Source : ADE - JAL 141/1 ECHO ARPAJONNAIS - Nouvelle publiée à partir du 21 sept. 1890 sur 3 numéros.

Lorsque l'on étudie l'histoire d'une localité, il est important d'en explorer tous les aspects, même ceux qui nous paraissent anodins comme cette courte nouvelle, ils font aussi quoiqu'en pensent les esprits chagrins partie de notre patrimoine culturel.

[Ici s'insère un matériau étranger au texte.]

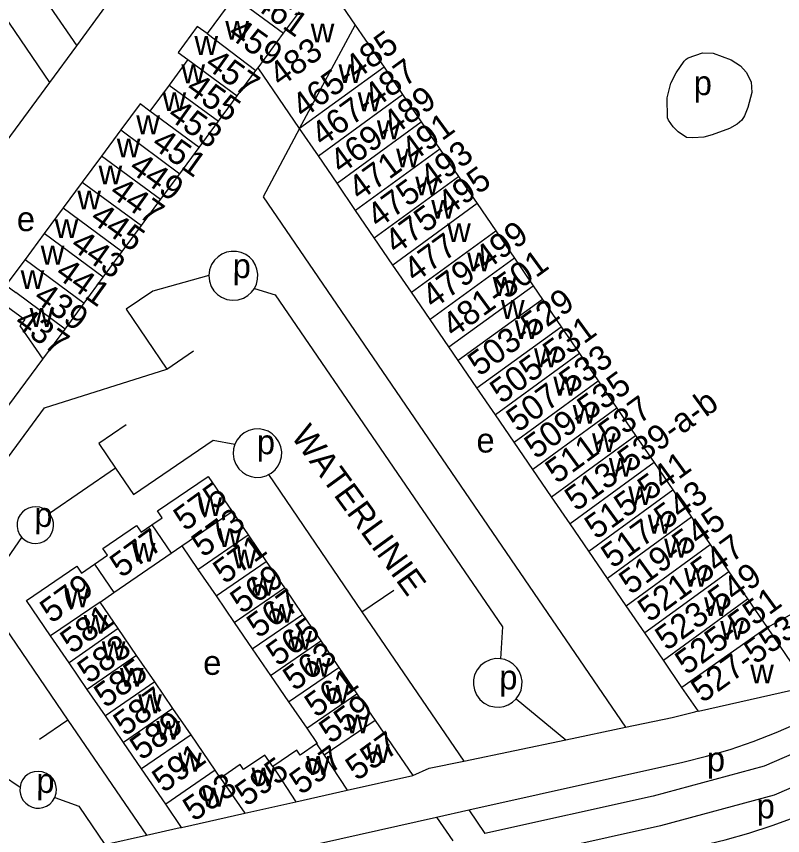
# Model space of a CAD drawing. Extents: x 154320 to 156262, y 382651 to 384180.
# Drawn here: x 155775.5 to 155900.9, y 383197.4 to 383331.4 of the extents above; entities that cross this region are included whole.
import ezdxf

# ---------------------------------------------------------------- set-up
doc = ezdxf.new("R2010")
doc.units = 0
for name, color, linetype in [('BLT_Basislijn', 7, 'Continuous'), ('BLT_Bebouwing', 7, 'Continuous'), ('BLT_Centroide', 7, 'Continuous'), ('BLT_Huisnummer', 7, 'Continuous'), ('BLT_Huisnummer_ tussenligend', 7, 'Continuous'), ('BLT_Huisnummer_reeks', 7, 'Continuous'), ('BLT_Onderdoorgang_en_onderverdeling', 7, 'Continuous'), ('BLT_Onderverdeling_panden', 7, 'Continuous'), ('BLT_Straatnaam', 7, 'Continuous'), ('BLT_Vlakafsluiter', 7, 'Continuous')]:
    doc.layers.add(name, color=color, linetype=linetype)

msp = doc.modelspace()

# ---------------------------------------------------------------- linework, layer by layer
at = {"layer": 'BLT_Basislijn'}
for p, q in [((155772.5, 383345.46), (155785.39, 383326.61)), ((155785.39, 383326.61), (155793.67, 383337.88)), ((155780.99, 383320.63), (155771.12, 383335.1)), ((155780.99, 383320.63), (155785.39, 383326.61)), ((155773.24, 383310.1), (155780.99, 383320.63)), ((155821.86, 383313.07), (155815.88, 383301.89)), ((155815.88, 383301.89), (155875.18, 383215.14)), ((155814.01, 383286.33), (155814.45, 383286.93)), ((155800.12, 383273.73), (155804.49, 383276.69)), ((155791.74, 383257.5), (155780.92, 383250.11)), ((155816.75, 383256.45), (155832.05, 383234.03)), ((155832.05, 383234.03), (155837.25, 383237.58)), ((155772.65, 383232.81), (155783.95, 383216.3)), ((155832.05, 383234.03), (155848.7, 383209.6)), ((155898.32, 383231.44), (155903.07, 383234.06)), ((155857.28, 383219.79), (155865.38, 383213.09)), ((155783.95, 383216.3), (155779.33, 383213.14)), ((155783.95, 383216.3), (155796.82, 383197.47)), ((155865.38, 383213.09), (155875.18, 383215.14)), ((155773.27, 383207.3), (155776.13, 383205.34)), ((155844.27, 383200.42), (155849.52, 383201.59)), ((155849.52, 383201.59), (155852.15, 383197.73)), ((155844.27, 383200.42), (155846.89, 383196.56))]:
    msp.add_line(p, q, dxfattribs=at)
msp.add_lwpolyline([(155881.96, 383318.08), (155882.58, 383320.48), (155883.46, 383322.17), (155884.77, 383324.08), (155885.11, 383324.44), (155885.43, 383324.66), (155887.78, 383325.44), (155889.5, 383325.4), (155892.47, 383324.34), (155893.95, 383323.36), (155894.9, 383322.3), (155895.69, 383320.69), (155895.84, 383318.98), (155895.19, 383316.51), (155894.63, 383315.18), (155894.19, 383314.45), (155893.42, 383313.78), (155892.17, 383313.1), (155889.32, 383312.06), (155887.95, 383311.69), (155886.19, 383311.53), (155885.14, 383311.63), (155883.75, 383312.56), (155882.95, 383313.35), (155882.18, 383314.45), (155882.05, 383314.85)], close=True, dxfattribs=at)
for points in [[(155808.53, 383292.11), (155807.94, 383291.54), (155807.46, 383290.81), (155807.13, 383289.96), (155807.01, 383289.03)], [(155814.45, 383286.93), (155814.79, 383287.64), (155814.99, 383288.43), (155815.02, 383289.26), (155814.88, 383290.08), (155814.59, 383290.83), (155814.18, 383291.47), (155813.67, 383292.01), (155813.05, 383292.45), (155812.32, 383292.79), (155811.51, 383292.97), (155810.68, 383292.98), (155809.88, 383292.83), (155809.15, 383292.53), (155808.53, 383292.11)], [(155807.01, 383289.03), (155797.83, 383286.48), (155793.47, 383283.52), (155800.12, 383273.73)], [(155807.01, 383289.03), (155807.11, 383288.11), (155807.4, 383287.26), (155807.85, 383286.53), (155808.4, 383285.95), (155809.09, 383285.47), (155809.93, 383285.13), (155810.84, 383284.98), (155811.78, 383285.05), (155812.65, 383285.33), (155813.4, 383285.78), (155814.01, 383286.33)], [(155814.45, 383286.93), (155817.88, 383285.85), (155855.02, 383231.54), (155854.69, 383226.34)], [(155753.19, 383230.79), (155780.13, 383267.37), (155800.12, 383273.73)], [(155793.48, 383264.59), (155788.99, 383261.53), (155791.74, 383257.5)], [(155818.69, 383258.63), (155818.88, 383259.37), (155818.92, 383260.19), (155818.79, 383261.03), (155818.47, 383261.83), (155817.99, 383262.54), (155817.39, 383263.12), (155816.71, 383263.54), (155816, 383263.81), (155815.22, 383263.94), (155814.39, 383263.91), (155813.55, 383263.69), (155812.78, 383263.3), (155812.13, 383262.76), (155811.62, 383262.13), (155811.26, 383261.44)], [(155791.74, 383257.5), (155794.68, 383253.2), (155807.74, 383262.12), (155811.26, 383261.44)], [(155811.26, 383261.44), (155811.05, 383260.69), (155810.98, 383259.86), (155811.1, 383259), (155811.41, 383258.17), (155811.89, 383257.43), (155812.51, 383256.84), (155813.19, 383256.4), (155813.91, 383256.13), (155814.71, 383256), (155815.56, 383256.04), (155816.41, 383256.27), (155816.75, 383256.45)], [(155816.75, 383256.45), (155817.2, 383256.69), (155817.86, 383257.25), (155818.36, 383257.92), (155818.69, 383258.63)], [(155776.52, 383250.34), (155776.14, 383249.88), (155775.84, 383249.31), (155775.66, 383248.65), (155775.64, 383247.96), (155775.77, 383247.29), (155776.04, 383246.68), (155776.41, 383246.18)], [(155780.92, 383250.11), (155780.83, 383250.23), (155780.41, 383250.6), (155779.91, 383250.9), (155779.34, 383251.11), (155778.72, 383251.2), (155778.09, 383251.15), (155777.49, 383250.98), (155776.96, 383250.7), (155776.52, 383250.34)], [(155780.99, 383246.34), (155781.29, 383246.82), (155781.51, 383247.37), (155781.62, 383247.98), (155781.6, 383248.61), (155781.44, 383249.22), (155781.18, 383249.77), (155780.92, 383250.11)], [(155772.65, 383232.81), (155772.43, 383236.69), (155773.55, 383241.95), (155776.41, 383246.18)], [(155776.41, 383246.18), (155776.86, 383245.78), (155777.4, 383245.46), (155778.03, 383245.26), (155778.71, 383245.2), (155779.4, 383245.3), (155780.03, 383245.54), (155780.56, 383245.91), (155780.99, 383246.34)], [(155849.52, 383201.59), (155884.54, 383209.44), (155888.43, 383210.39), (155892.27, 383211.51), (155896.05, 383212.8), (155899.78, 383214.25), (155903.45, 383215.85), (155907.03, 383217.63), (155911.13, 383219.89), (155917.48, 383223.85), (155922.14, 383226.87)], [(155854.69, 383226.34), (155853.87, 383226.35), (155853.02, 383226.17), (155852.19, 383225.79), (155851.45, 383225.22), (155850.87, 383224.5), (155850.48, 383223.69), (155850.29, 383222.86), (155850.28, 383222.07), (155850.44, 383221.23), (155850.79, 383220.41), (155851.34, 383219.67), (155852.05, 383219.06), (155852.87, 383218.65), (155853.71, 383218.44), (155854.53, 383218.41)], [(155928.97, 383226.88), (155922.39, 383221.88), (155912.19, 383214.98), (155897.82, 383208.74), (155879.68, 383203.84), (155852.15, 383197.73)], [(155857.28, 383219.79), (155857.75, 383220.46), (155858.07, 383221.19), (155858.22, 383221.94), (155858.24, 383222.67), (155858.11, 383223.42), (155857.83, 383224.17), (155857.39, 383224.86), (155856.81, 383225.45), (155856.14, 383225.9), (155855.41, 383226.2), (155854.69, 383226.34)], [(155932.23, 383223.07), (155925.3, 383217.82), (155914.61, 383210.57), (155899.48, 383204.01), (155880.87, 383198.99), (155855.18, 383193.28)], [(155854.53, 383218.41), (155855.26, 383218.53), (155855.99, 383218.8), (155856.69, 383219.22), (155857.28, 383219.79)], [(155875.18, 383215.14), (155882.82, 383216.74), (155886.48, 383217.64), (155887.02, 383217.8)], [(155858, 383189.14), (155887.6, 383195.77), (155891.49, 383196.72), (155895.34, 383197.79), (155899.14, 383199.05), (155902.9, 383200.42), (155906.6, 383201.93), (155910.24, 383203.58), (155913.82, 383205.38), (155918.19, 383207.8), (155924.24, 383211.67), (155929.2, 383214.78)], [(155840.37, 383207.23), (155843.02, 383208.41), (155848.7, 383209.6)], [(155777.86, 383207.65), (155777.37, 383207.38), (155776.93, 383206.99), (155776.55, 383206.5), (155776.28, 383205.94), (155776.13, 383205.34)], [(155781.82, 383203.66), (155782.03, 383204.32), (155782.08, 383204.98), (155782, 383205.61), (155781.8, 383206.18), (155781.47, 383206.72), (155781, 383207.2), (155780.43, 383207.58), (155779.77, 383207.82), (155779.09, 383207.91), (155778.44, 383207.84), (155777.86, 383207.65)], [(155776.13, 383205.34), (155776.1, 383204.73), (155776.19, 383204.16), (155776.37, 383203.64), (155776.66, 383203.14), (155777.07, 383202.69), (155777.56, 383202.32), (155778.13, 383202.05), (155778.73, 383201.91), (155779.32, 383201.89), (155779.87, 383201.98)], [(155779.87, 383201.98), (155780.44, 383202.21), (155780.99, 383202.57), (155781.46, 383203.06), (155781.82, 383203.66)], [(155781.82, 383203.66), (155785.72, 383202.21), (155790.01, 383195.94)], [(155759.27, 383180.32), (155763.06, 383181.61), (155766.88, 383182.79), (155770.73, 383183.86), (155774.62, 383184.83), (155777.81, 383185.54), (155844.27, 383200.42)], [(155796.82, 383197.47), (155802.34, 383198.72), (155802.56, 383198.74)]]:
    msp.add_lwpolyline(points, dxfattribs=at)
at = {"layer": 'BLT_Bebouwing'}
for p, q in [((155811.17, 383334.61), (155806.72, 383328.6)), ((155828.8, 383333.07), (155830.92, 383329.99)), ((155830.92, 383329.99), (155835.66, 383323.09)), ((155803.58, 383324.35), (155800.51, 383320.19)), ((155811.65, 383318.41), (155814.7, 383322.55)), ((155814.7, 383322.55), (155815.06, 383323.03)), ((155821.86, 383313.07), (155815.06, 383323.03)), ((155835.66, 383323.09), (155838.7, 383318.63)), ((155800.51, 383320.19), (155797.36, 383315.92)), ((155838.7, 383318.63), (155841.75, 383314.17)), ((155808.59, 383314.27), (155811.65, 383318.41)), ((155805.41, 383309.97), (155808.59, 383314.27)), ((155841.75, 383314.17), (155844.8, 383309.71)), ((155792.61, 383312.85), (155789.46, 383308.58)), ((155824.92, 383308.59), (155821.86, 383313.07)), ((155802.24, 383305.69), (155805.41, 383309.97)), ((155844.8, 383309.71), (155847.84, 383305.25)), ((155789.46, 383308.58), (155786.31, 383304.32)), ((155827.97, 383304.13), (155824.92, 383308.59)), ((155799.12, 383301.45), (155802.24, 383305.69)), ((155847.84, 383305.25), (155850.89, 383300.79)), ((155786.31, 383304.32), (155783.19, 383300.1)), ((155831.02, 383299.67), (155827.97, 383304.13)), ((155795.97, 383297.19), (155799.12, 383301.45)), ((155783.19, 383300.1), (155780.07, 383295.88)), ((155850.89, 383300.79), (155853.94, 383296.32)), ((155834.07, 383295.21), (155831.02, 383299.67)), ((155792.84, 383292.96), (155795.97, 383297.19)), ((155780.07, 383295.88), (155776.95, 383291.65)), ((155853.94, 383296.32), (155856.98, 383291.86)), ((155837.12, 383290.75), (155834.07, 383295.21)), ((155789.72, 383288.74), (155792.84, 383292.96)), ((155856.98, 383291.86), (155860.08, 383287.32)), ((155840.17, 383286.29), (155837.12, 383290.75)), ((155786.6, 383284.52), (155789.72, 383288.74)), ((155860.08, 383287.32), (155861.6, 383285.09)), ((155843.22, 383281.83), (155840.17, 383286.29)), ((155861.6, 383285.09), (155864.65, 383280.63)), ((155783.51, 383280.27), (155786.6, 383284.52)), ((155846.27, 383277.37), (155843.22, 383281.83)), ((155779.84, 383275.32), (155783.51, 383280.27)), ((155864.65, 383280.63), (155867.66, 383276.26)), ((155847.8, 383275.14), (155846.27, 383277.37)), ((155867.66, 383276.26), (155870.71, 383271.8)), ((155771.65, 383264.26), (155779.84, 383275.32)), ((155850.85, 383270.68), (155847.8, 383275.14)), ((155870.71, 383271.8), (155873.76, 383267.34)), ((155853.9, 383266.23), (155850.85, 383270.68)), ((155873.76, 383267.34), (155876.81, 383262.88)), ((155856.95, 383261.77), (155853.9, 383266.23)), ((155876.81, 383262.88), (155879.86, 383258.42)), ((155860, 383257.31), (155856.95, 383261.77)), ((155879.86, 383258.42), (155882.91, 383253.96)), ((155863.05, 383252.85), (155860, 383257.31)), ((155806.89, 383256.17), (155810.83, 383250.42)), ((155866.1, 383248.39), (155863.05, 383252.85)), ((155882.91, 383253.96), (155885.96, 383249.5)), ((155810.83, 383250.42), (155813.45, 383246.58)), ((155885.96, 383249.5), (155889.01, 383245.04)), ((155869.15, 383243.93), (155866.1, 383248.39)), ((155813.45, 383246.58), (155816.41, 383242.25)), ((155889.01, 383245.04), (155892.06, 383240.58)), ((155791.49, 383237.17), (155800.85, 383243.59)), ((155800.85, 383243.59), (155802.59, 383244.78)), ((155802.59, 383244.78), (155805.21, 383240.94)), ((155872.2, 383239.47), (155869.15, 383243.93)), ((155816.41, 383242.25), (155819.38, 383237.92)), ((155805.21, 383240.94), (155808.18, 383236.61)), ((155875.25, 383235.01), (155872.2, 383239.47)), ((155892.06, 383240.58), (155895.11, 383236.12)), ((155789.21, 383235.61), (155791.49, 383237.17)), ((155819.38, 383237.92), (155822.34, 383233.59)), ((155781.12, 383230.07), (155777.16, 383235.85)), ((155792.18, 383231.27), (155789.21, 383235.61)), ((155808.18, 383236.61), (155811.15, 383232.28)), ((155895.11, 383236.12), (155898.32, 383231.44)), ((155878.3, 383230.55), (155875.25, 383235.01)), ((155822.34, 383233.59), (155825.31, 383229.25)), ((155811.15, 383232.28), (155814.12, 383227.95)), ((155898.32, 383231.44), (155903.3, 383224.14)), ((155784.15, 383225.65), (155781.12, 383230.07)), ((155795.2, 383226.86), (155792.18, 383231.27)), ((155881.35, 383226.09), (155878.3, 383230.55)), ((155825.31, 383229.25), (155828.27, 383224.92)), ((155814.12, 383227.95), (155817.08, 383223.62)), ((155798.17, 383222.53), (155795.2, 383226.86)), ((155884.4, 383221.64), (155881.35, 383226.09)), ((155787.11, 383221.32), (155784.15, 383225.65)), ((155828.27, 383224.92), (155831.23, 383220.59)), ((155817.08, 383223.62), (155820.05, 383219.29)), ((155801.13, 383218.2), (155798.17, 383222.53)), ((155790.08, 383216.98), (155787.11, 383221.32)), ((155887.02, 383217.8), (155884.4, 383221.64)), ((155904.96, 383221.72), (155887.09, 383217.71)), ((155831.23, 383220.59), (155834.2, 383216.25)), ((155804.1, 383213.86), (155801.13, 383218.2)), ((155820.05, 383219.29), (155823.02, 383214.96)), ((155793.04, 383212.65), (155790.08, 383216.98)), ((155887.09, 383217.71), (155887.02, 383217.8)), ((155834.2, 383216.25), (155840.37, 383207.23)), ((155823.02, 383214.96), (155824.72, 383212.47)), ((155796.01, 383208.32), (155793.04, 383212.65)), ((155824.72, 383212.47), (155824.62, 383212.39)), ((155799.96, 383202.54), (155796.01, 383208.32)), ((155808.93, 383206.82), (155808.06, 383208.09)), ((155829.65, 383204.83), (155840.37, 383207.23)), ((155821.25, 383202.95), (155829.65, 383204.83)), ((155802.56, 383198.74), (155799.96, 383202.54)), ((155812.87, 383201.06), (155821.25, 383202.95)), ((155802.56, 383198.74), (155812.87, 383201.06))]:
    msp.add_line(p, q, dxfattribs=at)
for points in [[(155806.72, 383328.6), (155805.11, 383329.78), (155801.98, 383325.53), (155803.58, 383324.35)], [(155797.36, 383315.92), (155795.76, 383317.11), (155792.61, 383312.85)], [(155776.95, 383291.65), (155773.82, 383287.43), (155775.43, 383286.24)], [(155797.67, 383248.22), (155799.39, 383249.4), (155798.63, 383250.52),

La Tour de Nesle a son auteur Alexandre DUMAS, la tour de Montlhéry a aussi le sien en la personne d'Auguste VILLIERS, le moins que l'on puisse dire c'est que la nouvelle publiée dans l'ECHO ARPAJONNAIS est du " grand art " en ayant bien soin de définir le mot art. Ce court texte, que nous avons découvert aux Archives Départementales de l'Essonne, est une image assez fidèle de ce que les feuilletonistes du siècle dernier écrivaient pour la presse. Il faut noter qu'à cette époque tout journal qui se respectait publiait son feuilleton. Celui que nous soumettons à votre perspicacité en est un exemple que nous pouvons qualifier de typique. En effet, nous trouvons un semblant de traîne historique, une intrigue amoureuse, et en prime une fin mélodramatique telle que l'appréciaient nos grands-mères.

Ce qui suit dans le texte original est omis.